My my personal experiences the banks can be  dissmissive of the approaches of MABS. I also found that MABs were not acting in my best interests at all times. They wanted other ppl in my house to help pay my debts, something they are not legally obliged to do. In some ways there are acting as frontmen for the banks.


----------



## ClubMan (24 Aug 2005)

bond-007 said:
			
		

> My my personal experiences the banks can be  dissmissive of the approaches of MABS.


Interesting - I have no direct personal experience with them and always assumed that they would be the first and maybe best port of call for people experiencing debt problems.


> I also found that MABs were not acting in my best interests at all times. They wanted other ppl in my house to help pay my debts, something they are not legally obliged to do. In some ways there are acting as frontmen for the banks.

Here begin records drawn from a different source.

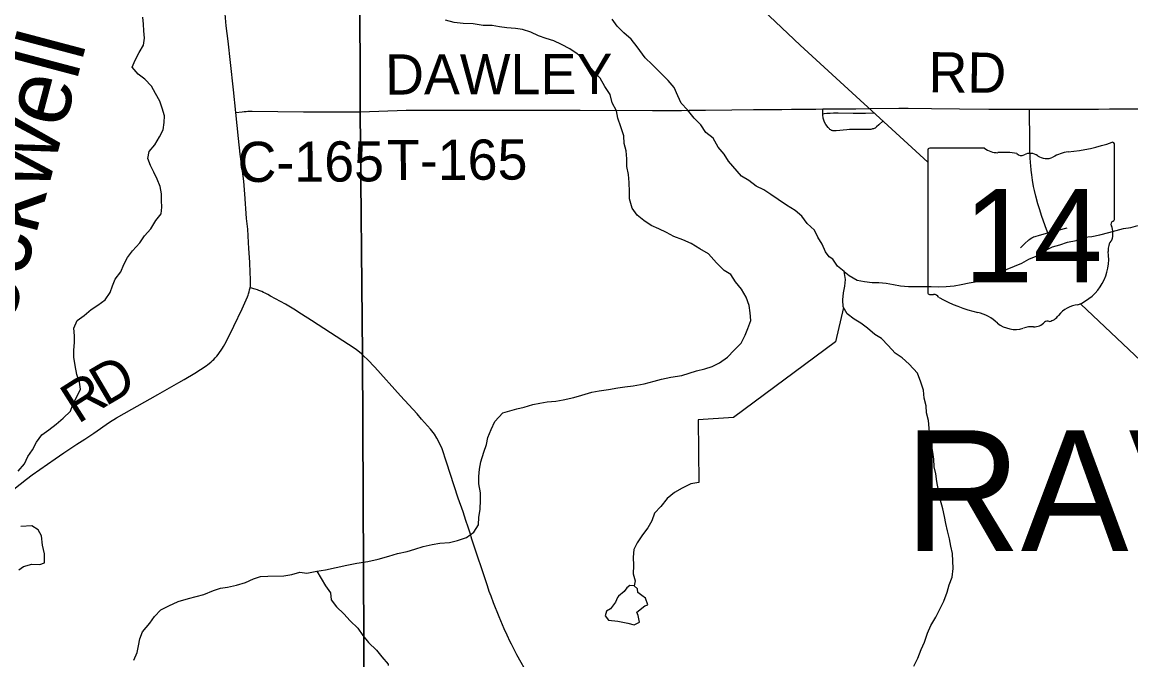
# Model space of a CAD drawing. Extents: x 0 to 34, y 0 to 22.
# Drawn here: x 4.548 to 6.114, y 15.953 to 16.855 of the extents above; entities that cross this region are included whole.
import ezdxf

# ---------------------------------------------------------------- set-up
doc = ezdxf.new("R2010")
doc.units = 0
for name, color, linetype in [('GM_X_Corporation', 7, 'Continuous'), ('GM_X_County_Road', 7, 'Continuous'), ('GM_X_County_Road_Text', 7, 'Continuous'), ('GM_X_Major_Lake', 7, 'Continuous'), ('GM_X_Major_Lake_Text', 7, 'Continuous'), ('GM_X_Minor_Lake', 7, 'Continuous'), ('GM_X_Minor_River', 7, 'Continuous'), ('GM_X_State_Shield', 7, 'Continuous'), ('GM_X_Township_Road', 7, 'Continuous'), ('GM_X_Township_Road_Text', 7, 'Continuous'), ('GM_X_Township_Text', 7, 'Continuous'), ('SH_Text', 7, 'Continuous')]:
    doc.layers.add(name, color=color, linetype=linetype)

msp = doc.modelspace()

# ---------------------------------------------------------------- linework, layer by layer
at = {"layer": 'GM_X_Corporation'}
for points in [[(2.1, 14.1), (5.0398, 14.1), (5.0411, 14.425), (5.0381, 14.4922), (5.0378, 14.5635), (5.0395, 14.6051), (5.0366, 14.7668), (5.0353, 14.97), (5.0288, 16.3849), (5.0258, 16.7286), (5.0235, 17.4989), (5.0235, 17.5004), (5.0224, 17.5004), (4.9697, 17.5009), (4.8689, 17.5017), (4.8462, 17.5018), (4.8313, 17.5017), (4.8033, 17.5014), (4.7857, 17.5004), (4.7764, 17.4996), (4.7708, 17.4988), (4.7665, 17.4977), (4.718, 17.4962), (3.7119, 17.4934)], [(5.0235, 17.4989), (5.0258, 16.7286), (5.0288, 16.3849), (5.0353, 14.97)]]:
    msp.add_lwpolyline(points, dxfattribs=at)
at = {"layer": 'GM_X_County_Road'}
for points in [[(4.8499, 16.7267), (4.8465, 16.7588), (4.8424, 16.7977), (4.8391, 16.8279), (4.8365, 16.8495), (4.835, 16.8662)], [(4.8499, 16.7267), (4.8591, 16.728), (4.8617, 16.7283), (4.8644, 16.7285), (4.8671, 16.7287), (4.873, 16.7287), (4.9456, 16.7279), (5.026, 16.728)], [(4.8701, 16.4792), (4.8705, 16.4816), (4.8707, 16.4839), (4.8708, 16.4864), (4.8708, 16.489), (4.8708, 16.4919), (4.8703, 16.5005), (4.8696, 16.5155), (4.8685, 16.5346), (4.8681, 16.5433), (4.8668, 16.5619), (4.8653, 16.5773), (4.8628, 16.612), (4.8624, 16.6172), (4.862, 16.6244), (4.8614, 16.6293), (4.8609, 16.6336), (4.8563, 16.668), (4.8537, 16.6902), (4.8499, 16.7267)], [(4.5363, 16.1946), (4.5544, 16.2088), (4.5624, 16.2148), (4.5948, 16.2376), (4.607, 16.246), (4.6256, 16.258), (4.6368, 16.2652), (4.6493, 16.2737), (4.6718, 16.2891), (4.6814, 16.2952), (4.6922, 16.3015), (4.7398, 16.3282), (4.7694, 16.3452), (4.777, 16.3496), (4.7919, 16.3585), (4.8081, 16.3689), (4.8106, 16.3708), (4.8125, 16.3722), (4.8151, 16.3744), (4.8172, 16.3762), (4.819, 16.378), (4.821, 16.3801), (4.8231, 16.3825), (4.825, 16.3848), (4.8271, 16.3877), (4.8293, 16.3908), (4.831, 16.3936), (4.8325, 16.396), (4.8344, 16.3996), (4.8366, 16.4036), (4.8471, 16.4248), (4.8588, 16.4495), (4.8664, 16.4662), (4.8673, 16.4689), (4.868, 16.4708), (4.8687, 16.4735), (4.8694, 16.4762), (4.8701, 16.4792)], [(5.029, 16.3843), (5.0273, 16.3858), (5.0222, 16.3899), (5.0184, 16.3927), (4.957, 16.4329), (4.9429, 16.4421), (4.9319, 16.4491), (4.9201, 16.456), (4.8991, 16.4675), (4.8954, 16.4695), (4.8915, 16.4715), (4.8892, 16.4725), (4.8866, 16.4737), (4.8827, 16.4754), (4.8804, 16.4762), (4.8774, 16.4772), (4.8752, 16.4779), (4.8728, 16.4786), (4.8701, 16.4792)], [(5.2632, 15.9313), (5.247, 15.9603), (5.2435, 15.9669), (5.2393, 15.9754), (5.2376, 15.9787), (5.2332, 15.9883), (5.2291, 15.9973), (5.222, 16.0139), (5.2139, 16.034), (5.2104, 16.0433), (5.208, 16.0498), (5.2053, 16.0577), (5.1835, 16.1237), (5.1808, 16.1322), (5.178, 16.1409), (5.1749, 16.1504), (5.1709, 16.1624), (5.1641, 16.1818), (5.1584, 16.1994), (5.1476, 16.2329), (5.1415, 16.2514), (5.1382, 16.2588), (5.1341, 16.2666), (5.1304, 16.2723), (5.1251, 16.2793), (5.1123, 16.2937), (5.1061, 16.3009), (5.0825, 16.3264), (5.0461, 16.367), (5.0361, 16.3777), (5.0309, 16.3827), (5.0299, 16.3835), (5.029, 16.3843)]]:
    msp.add_lwpolyline(points, dxfattribs=at)
at = {"layer": 'GM_X_Major_Lake'}
msp.add_lwpolyline([(4.5428, 16.22), (4.5515, 16.2303), (4.5563, 16.2406), (4.5627, 16.2501), (4.5683, 16.2611), (4.5761, 16.2714), (4.5859, 16.2783), (4.5961, 16.2864), (4.6062, 16.2948), (4.6164, 16.3047), (4.6197, 16.3142), (4.626, 16.326), (4.6305, 16.3359), (4.6293, 16.3458), (4.6254, 16.3567), (4.623, 16.3692), (4.6214, 16.381), (4.6214, 16.3908), (4.6224, 16.4018), (4.622, 16.4113), (4.6211, 16.4223), (4.6259, 16.433), (4.6357, 16.4399), (4.6455, 16.4487), (4.6553, 16.4548), (4.6655, 16.4621), (4.6726, 16.4724), (4.6759, 16.4819), (4.6796, 16.4914), (4.6875, 16.5017), (4.6919, 16.5123), (4.6968, 16.5219), (4.7039, 16.5314), (4.7144, 16.5429), (4.7211, 16.5528), (4.7298, 16.5627), (4.7372, 16.5741), (4.7444, 16.5837), (4.7454, 16.5931), (4.745, 16.6026), (4.7449, 16.6121), (4.7433, 16.6223), (4.7387, 16.6325), (4.7344, 16.6424), (4.7294, 16.6522), (4.7256, 16.662), (4.7274, 16.6719), (4.7356, 16.6814), (4.742, 16.6925), (4.7472, 16.7024), (4.7486, 16.7126), (4.7493, 16.7221), (4.7462, 16.7331), (4.7427, 16.7429), (4.7366, 16.7539), (4.7308, 16.764), (4.7217, 16.7742), (4.7122, 16.781), (4.7037, 16.7911), (4.7078, 16.801), (4.7134, 16.8117), (4.7194, 16.822), (4.7208, 16.8318), (4.72, 16.8425), (4.7195, 16.8519), (4.7187, 16.8618)], dxfattribs=at)
at = {"layer": 'GM_X_Minor_Lake'}
msp.add_line((5.389, 16.0415), (5.3864, 16.0347), dxfattribs=at)
for points in [[(4.5436, 16.0804), (4.55, 16.0854), (4.5617, 16.0885), (4.573, 16.0879), (4.5798, 16.0906), (4.5797, 16.1031), (4.577, 16.1156), (4.5754, 16.1288), (4.5707, 16.1371), (4.562, 16.1428), (4.5465, 16.1419)], [(5.3864, 16.0347), (5.3793, 16.0255), (5.3733, 16.022), (5.3714, 16.0156), (5.3764, 16.0092), (5.3897, 16.0081), (5.4037, 16.0052), (5.4124, 16.0026), (5.4203, 16.0065), (5.418, 16.0159), (5.4161, 16.0209), (5.4277, 16.0297), (5.4319, 16.0312), (5.4288, 16.0407), (5.4234, 16.0444), (5.4177, 16.0485), (5.4173, 16.0535), (5.4124, 16.058), (5.4063, 16.0583), (5.4022, 16.0549), (5.3984, 16.0499), (5.3905, 16.0434), (5.389, 16.0415)]]:
    msp.add_lwpolyline(points, dxfattribs=at)
at = {"layer": 'GM_X_Minor_River'}
for p, q in [((5.7081, 16.4513), (5.6969, 16.403)), ((5.6969, 16.403), (5.5528, 16.2957))]:
    msp.add_line(p, q, dxfattribs=at)
for points in [[(5.5558, 16.4876), (5.5493, 16.4981), (5.5398, 16.5037), (5.5287, 16.5146), (5.5177, 16.5271), (5.5055, 16.5342), (5.4929, 16.5417), (5.4812, 16.5469), (5.4686, 16.5517), (5.458, 16.5573), (5.4474, 16.5625), (5.4367, 16.5674), (5.4264, 16.5741), (5.4169, 16.5817), (5.4097, 16.5915), (5.4058, 16.6051), (5.4061, 16.6149), (5.4056, 16.6282), (5.4047, 16.6392), (5.402, 16.6505), (5.4023, 16.6615), (5.4011, 16.6725), (5.3983, 16.6831), (5.3979, 16.6937), (5.3936, 16.7066), (5.3897, 16.7191), (5.3878, 16.7293), (5.3816, 16.7406), (5.3789, 16.7524), (5.3712, 16.7637), (5.3647, 16.7754), (5.3494, 16.7916), (5.3414, 16.8021), (5.3319, 16.81), (5.3216, 16.8168), (5.3098, 16.8231), (5.2992, 16.8283), (5.2882, 16.8313), (5.2775, 16.8354), (5.2665, 16.8406), (5.2548, 16.8443), (5.2449, 16.8458), (5.2328, 16.8464), (5.2222, 16.8482), (5.2119, 16.85), (5.1991, 16.8499), (5.1854, 16.8521), (5.1711, 16.8528), (5.1585, 16.8542), (5.146, 16.8575)], [(5.6879, 16.5229), (5.683, 16.5302), (5.678, 16.5408), (5.6719, 16.5506), (5.6673, 16.5605), (5.657, 16.5702), (5.6493, 16.5804), (5.6398, 16.5883), (5.6276, 16.5958), (5.6158, 16.604), (5.6056, 16.6112), (5.5957, 16.6175), (5.585, 16.6228), (5.5747, 16.6306), (5.5641, 16.637), (5.5458, 16.6581), (5.5396, 16.6679), (5.5312, 16.6781), (5.5239, 16.6905), (5.5136, 16.6988), (5.5067, 16.7094), (5.4972, 16.7188), (5.4877, 16.7305), (5.4789, 16.7402), (5.4743, 16.7504), (5.4692, 16.7622), (5.4608, 16.772), (5.4494, 16.7836), (5.4379, 16.7949), (5.428, 16.8043), (5.4169, 16.8198), (5.4081, 16.8307), (5.3982, 16.8393), (5.3887, 16.8488), (5.3814, 16.8586)], [(5.709, 16.502), (5.7162, 16.4964), (5.7276, 16.49), (5.7379, 16.4882), (5.7485, 16.4868), (5.7583, 16.4868), (5.7685, 16.4858), (5.7788, 16.4836), (5.7886, 16.4821), (5.8, 16.4811), (5.8098, 16.4812), (5.8208, 16.4809), (5.8322, 16.481), (5.8428, 16.4807), (5.853, 16.4811), (5.8643, 16.482), (5.8745, 16.4839), (5.8859, 16.4863), (5.8968, 16.4879), (5.9078, 16.4922), (5.9183, 16.496), (5.9285, 16.4995), (5.9394, 16.5057), (5.9496, 16.5095), (5.9602, 16.5138), (5.97, 16.5196), (5.9802, 16.5238), (5.9919, 16.5315), (6.0032, 16.5369), (6.0137, 16.54), (6.0247, 16.5435), (6.0368, 16.5459), (6.0481, 16.5509), (6.0587, 16.5517), (6.0704, 16.5541), (6.0829, 16.5572), (6.0931, 16.5599), (6.1036, 16.563), (6.1138, 16.5646), (6.1237, 16.567)], [(5.7909, 16.3802), (5.7811, 16.3869), (5.7715, 16.3975), (5.762, 16.4076), (5.7525, 16.4132), (5.7422, 16.4223), (5.7327, 16.429), (5.7231, 16.435), (5.7132, 16.4425), (5.7075, 16.4523), (5.7074, 16.4622), (5.7081, 16.472), (5.7099, 16.4815), (5.711, 16.491), (5.709, 16.502), (5.6995, 16.5095), (5.6929, 16.5197), (5.6879, 16.5229)], [(4.7058, 15.9528), (4.7106, 15.9638), (4.7125, 15.9733), (4.7146, 15.9832), (4.7184, 15.9931), (4.7285, 16.0049), (4.7352, 16.0144), (4.7442, 16.024), (4.7552, 16.0294), (4.7687, 16.0359), (4.7831, 16.0398), (4.794, 16.0426), (4.805, 16.0457), (4.8186, 16.0511), (4.8284, 16.0546), (4.8382, 16.0562), (4.8511, 16.0589), (4.8635, 16.0624), (4.8748, 16.0678), (4.885, 16.071), (4.8952, 16.0714), (4.9176, 16.072), (4.9293, 16.074), (4.9402, 16.0771), (4.9501, 16.0756), (4.9645, 16.0784), (4.9765, 16.0804), (4.9917, 16.0839), (5.0068, 16.0871), (5.0211, 16.0898), (5.0363, 16.0922), (5.051, 16.0958), (5.0661, 16.0997), (5.0782, 16.1035), (5.0918, 16.1063), (5.1027, 16.1098), (5.1144, 16.1133), (5.1273, 16.1161), (5.1382, 16.118), (5.1519, 16.1193), (5.1632, 16.122), (5.1756, 16.1263), (5.1862, 16.1336), (5.1925, 16.1442), (5.1932, 16.1549), (5.195, 16.1659), (5.1957, 16.1795), (5.1956, 16.1894), (5.1932, 16.2023), (5.1931, 16.2125), (5.1942, 16.2228), (5.196, 16.233), (5.2004, 16.2467), (5.2038, 16.2577), (5.2059, 16.2676), (5.2104, 16.279), (5.2156, 16.2904), (5.2272, 16.3023), (5.2371, 16.3054), (5.2469, 16.3081), (5.2571, 16.3104), (5.2695, 16.314), (5.2794, 16.3163), (5.2899, 16.3179), (5.3017, 16.3188), (5.3123, 16.3207), (5.3274, 16.3243), (5.3387, 16.3274), (5.3527, 16.3317), (5.3633, 16.3333), (5.3761, 16.3353), (5.3893, 16.3376), (5.3995, 16.3392), (5.4113, 16.3408), (5.4268, 16.3432), (5.4407, 16.3471), (5.4513, 16.3499), (5.4645, 16.3526), (5.4797, 16.355), (5.4902, 16.3585), (5.5004, 16.3616), (5.5125, 16.3644), (5.5227, 16.3679), (5.5333, 16.3729), (5.5442, 16.3813), (5.5539, 16.3909), (5.5637, 16.4008), (5.5693, 16.4122), (5.573, 16.4217), (5.5771, 16.4331), (5.5762, 16.4437), (5.575, 16.4543), (5.5707, 16.4661), (5.5642, 16.477), (5.5558, 16.4876)], [(5.8076, 15.9443), (5.8132, 15.9557), (5.8177, 15.9678), (5.8225, 15.9781), (5.8266, 15.991), (5.8314, 16.0017), (5.8385, 16.0135), (5.8448, 16.0257), (5.8497, 16.0363), (5.8545, 16.0489), (5.8574, 16.0595), (5.8615, 16.0702), (5.8629, 16.0823), (5.862, 16.1035), (5.86, 16.1138), (5.8581, 16.1244), (5.8553, 16.1357), (5.8526, 16.1459), (5.8506, 16.1558), (5.8483, 16.1668), (5.8448, 16.1804), (5.8424, 16.1925), (5.84, 16.2054), (5.8388, 16.2164), (5.8361, 16.2262), (5.8356, 16.2368), (5.8344, 16.247), (5.8324, 16.2573), (5.8301, 16.2694), (5.8292, 16.2807), (5.828, 16.2917), (5.8256, 16.3023), (5.8248, 16.3122), (5.8221, 16.3232), (5.8212, 16.3345), (5.8173, 16.3459), (5.8127, 16.3583), (5.8009, 16.3711), (5.7909, 16.3802)], [(5.5528, 16.2957), (5.5029, 16.2923), (5.5039, 16.2039), (5.4926, 16.2023), (5.4802, 16.1958), (5.4696, 16.1896), (5.4591, 16.1812), (5.4501, 16.1701), (5.4411, 16.1606), (5.4374, 16.1499), (5.4318, 16.14), (5.4243, 16.1301), (5.4168, 16.1187), (5.4123, 16.1092), (5.4113, 16.0985), (5.4114, 16.0868), (5.4111, 16.075), (5.4142, 16.0652), (5.4124, 16.058)], [(4.9645, 16.0784), (4.9767, 16.058), (4.9836, 16.0478), (4.9845, 16.038), (4.9921, 16.0282), (5.0024, 16.0184), (5.0116, 16.0082), (5.0222, 15.9981), (5.0295, 15.9875), (5.0375, 15.9777), (5.0486, 15.9672), (5.0562, 15.9574), (5.065, 15.9472), (5.065, 15.9453)]]:
    msp.add_lwpolyline(points, dxfattribs=at)
at = {"layer": 'GM_X_State_Shield'}
for p, q in [((5.9072, 16.6765), (5.83, 16.6765)), ((6.0911, 16.5768), (6.0911, 16.6815)), ((5.8274, 16.6731), (5.8274, 16.4729)), ((6.091, 16.5768), (6.0911, 16.5768))]:
    msp.add_line(p, q, dxfattribs=at)
for centre, radius, start, end in [((5.8304, 16.6735), 0.00305, 98.1301, 188.1301), ((5.9256, 16.6997), 0.0296, 231.6195, 271.1119), ((5.9971, 16.9493), 0.2796, 275.8445, 288.9065), ((6.0881, 16.6819), 0.00294, 351.8621, 97.738), ((5.9354, 16.5642), 0.1064, 80.4867, 94.9883), ((5.9596, 16.6745), 0.00855, 219.7921, 297.1024), ((5.9721, 16.6514), 0.0178, 54.4667, 119.1411), ((5.995, 16.6831), 0.0214, 233.8562, 294.8282), ((6.0328, 16.6154), 0.0563, 97.3462, 120.7689), ((6.0904, 16.5691), 0.00454, 107.944, 210.337), ((6.0615, 16.5559), 0.0273, 340.033, 23.6496), ((6.0879, 16.5764), 0.00314, 289.6038, 7.7341), ((6.1016, 16.533), 0.0198, 136.8065, 186.9296), ((6.0128, 16.5197), 0.0699, 292.3089, 8.9858), ((5.8304, 16.4725), 0.00308, 171.9584, 258.3066), ((5.8309, 16.493), 0.0235, 267.339, 280.6039), ((5.8357, 16.4614), 0.00848, 29.7484, 93.2717), ((5.9428, 16.6412), 0.2019, 240.4129, 257.1985), ((5.8826, 16.383), 0.0632, 47.1842, 75.836), ((5.9938, 16.4535), 0.0226, 282.8732, 323.2771), ((6.0423, 16.4168), 0.0383, 94.4031, 142.5768), ((5.9509, 16.4604), 0.0401, 230.7004, 286.2918), ((5.977, 16.4454), 0.0214, 268.777, 315.5493), ((5.9963, 16.426), 0.00601, 65.7517, 132.6484), ((5.9741, 16.3912), 0.0329, 85.6951, 111.2099)]:
    msp.add_arc(centre, radius, start, end, dxfattribs=at)
at = {"layer": 'GM_X_Township_Road'}
msp.add_line((5.9966, 16.5566), (6.0242, 16.564), dxfattribs=at)
for points in [[(5.026, 16.728), (5.0908, 16.73), (5.114, 16.7303), (5.1556, 16.7304), (5.1824, 16.7301), (5.198, 16.7301), (5.2131, 16.7302), (5.2519, 16.7303), (5.3362, 16.7302), (5.4386, 16.7296), (5.4525, 16.7297), (5.4703, 16.7297), (5.4793, 16.7298), (5.4901, 16.73), (5.4921, 16.73)], [(5.4921, 16.73), (5.5132, 16.7302), (5.5507, 16.7306), (5.5812, 16.731), (5.5955, 16.7311), (5.6083, 16.7312), (5.6212, 16.7313), (5.6347, 16.7314), (5.6581, 16.7316), (5.6689, 16.7318), (5.6789, 16.7319)], [(5.6789, 16.7319), (5.7258, 16.7322), (5.7448, 16.7324)], [(5.764, 16.7149), (5.758, 16.7094), (5.7549, 16.7066), (5.7538, 16.7057), (5.7528, 16.705), (5.7517, 16.7045), (5.7506, 16.704), (5.7493, 16.7036), (5.7481, 16.7033), (5.7466, 16.7031), (5.7432, 16.7029), (5.7395, 16.7028), (5.7296, 16.7028), (5.7209, 16.7028), (5.7168, 16.7027), (5.7128, 16.7024), (5.6978, 16.701), (5.6963, 16.7009), (5.695, 16.701), (5.6941, 16.701), (5.6931, 16.7011), (5.6923, 16.7013), (5.6914, 16.7016), (5.6901, 16.7023), (5.6889, 16.7031), (5.6882, 16.7037), (5.6866, 16.7055), (5.6834, 16.7099), (5.6815, 16.7132), (5.6803, 16.716), (5.6798, 16.7175), (5.6796, 16.7189), (5.6793, 16.7205), (5.6792, 16.722), (5.6791, 16.725), (5.6789, 16.7319)], [(5.6791, 16.725), (5.6808, 16.7253), (5.6846, 16.7258), (5.6894, 16.7261), (5.6943, 16.7263), (5.7007, 16.7264), (5.7218, 16.7262), (5.7394, 16.7262), (5.7513, 16.7265)], [(5.7448, 16.7324), (5.7865, 16.7329), (5.7994, 16.7329), (5.8327, 16.7326), (5.8722, 16.7321), (5.9135, 16.7317), (5.971, 16.7317)], [(5.971, 16.7317), (6.0017, 16.7317), (6.0681, 16.7318), (6.0837, 16.7319), (6.1029, 16.732), (6.1264, 16.7323), (6.161, 16.7326)], [(5.9966, 16.5566), (5.9948, 16.5615), (5.9885, 16.5797), (5.9849, 16.5909), (5.9828, 16.5977), (5.9797, 16.6086), (5.9778, 16.6165), (5.9766, 16.6225), (5.9751, 16.6315), (5.9741, 16.6386), (5.9732, 16.6454), (5.9726, 16.6519), (5.9723, 16.6556), (5.9718, 16.6633), (5.9716, 16.6678), (5.9715, 16.67), (5.9714, 16.6737), (5.9712, 16.6884), (5.971, 16.7281), (5.971, 16.7317)], [(5.9582, 16.5357), (5.9637, 16.5413), (5.9697, 16.5468), (5.9712, 16.548), (5.9733, 16.5494), (5.9749, 16.5503), (5.9766, 16.5511), (5.9789, 16.5518), (5.9849, 16.5535), (5.9966, 16.5566)]]:
    msp.add_lwpolyline(points, dxfattribs=at)
at = {"layer": 'SH_Text'}
for points in [[(5.2632, 17.1919), (5.3023, 17.152), (5.3786, 17.078), (5.4473, 17.0114), (5.6471, 16.8219), (5.8274, 16.6565)], [(6.0436, 16.4561), (6.1622, 16.3439), (6.2259, 16.279), (6.2997, 16.2029), (6.3775, 16.1225), (6.4588, 16.0391), (6.4804, 16.0186), (6.5205, 15.9884), (6.5845, 15.9575), (6.6499, 15.9422), (6.7146, 15.9393), (6.7966, 15.9403), (7.822, 15.947)]]:
    msp.add_lwpolyline(points, dxfattribs=at)

# ---------------------------------------------------------------- texts
at = {"layer": 'GM_X_County_Road_Text'}
for s, height, rotation, p in [('C-165', 0.05682, 0.2768, (4.8525, 16.6286)), ('D', 0.0568, 30.434, (4.6659, 16.3108)), ('R', 0.0568, 32.5014, (4.627, 16.286))]:
    msp.add_text(s, height=height, rotation=rotation, dxfattribs=at).set_placement(p)
at = {"layer": 'GM_X_Major_Lake_Text'}
msp.add_text('Rockwell', height=0.09473, rotation=75.1742, dxfattribs=at).set_placement((4.5097, 16.3347))
at = {"layer": 'GM_X_State_Shield'}
msp.add_text('14', height=0.13184, dxfattribs=at).set_placement((5.878, 16.4871))
at = {"layer": 'GM_X_Township_Road_Text'}
for s, rotation, p in [('DAWLEY', 0.1553, (5.0609, 16.7522)), ('RD', 359.5089, (5.8281, 16.7555)), ('T-165', 0.2739, (5.0635, 16.6312))]:
    msp.add_text(s, height=0.05682, rotation=rotation, dxfattribs=at).set_placement(p)
at = {"layer": 'GM_X_Township_Text'}
msp.add_text('RAVENNA', height=0.17045, rotation=0, dxfattribs=at).set_placement((5.7941, 16.1073))

doc.saveas('drawing.dxf')

Can you expand on this at all? Why did you think that they were not acting in your best interests? What was your domestic situation and who were they asking to help defray your debts? And how do you consider that they were acting as frontmen for the banks? Did you voice your concerns and challenge any allegedly inappropriate behaviour or advice on their part?


----------



## bond-007 (25 Aug 2005)

I was in a bit of bother a while back with a few grand owing to a bank. I said that I could offer x to them ,but mabs said they won't accept that and asked if my parents could help pay. It was my debt and my parents didn't incur it. Why should they pay?

as for my frontmen comments, they didn't explain all my legal options availble to me such as letting the bank get an installment order where I could demonstrate my inabilty to pay etc. They just kept saying get the money from other ppl.


----------



## ClubMan (25 Aug 2005)

Thanks for the feedback. Can you say when this was? Maybe they were less funded/resourced and therefore more constrained in terms of the quality of the advice that they were able to give to people at the time? In relation to asking your parents to contribute is there any possibility that this was simply one potential strategy that they advised/investigated? I'm not familiar with "installment orders". Can you explain or link to info about them?


----------



## bond-007 (25 Aug 2005)

When a person owes money to a bank or other creditor they can go to court and get a judgemnt against you for the money you owe.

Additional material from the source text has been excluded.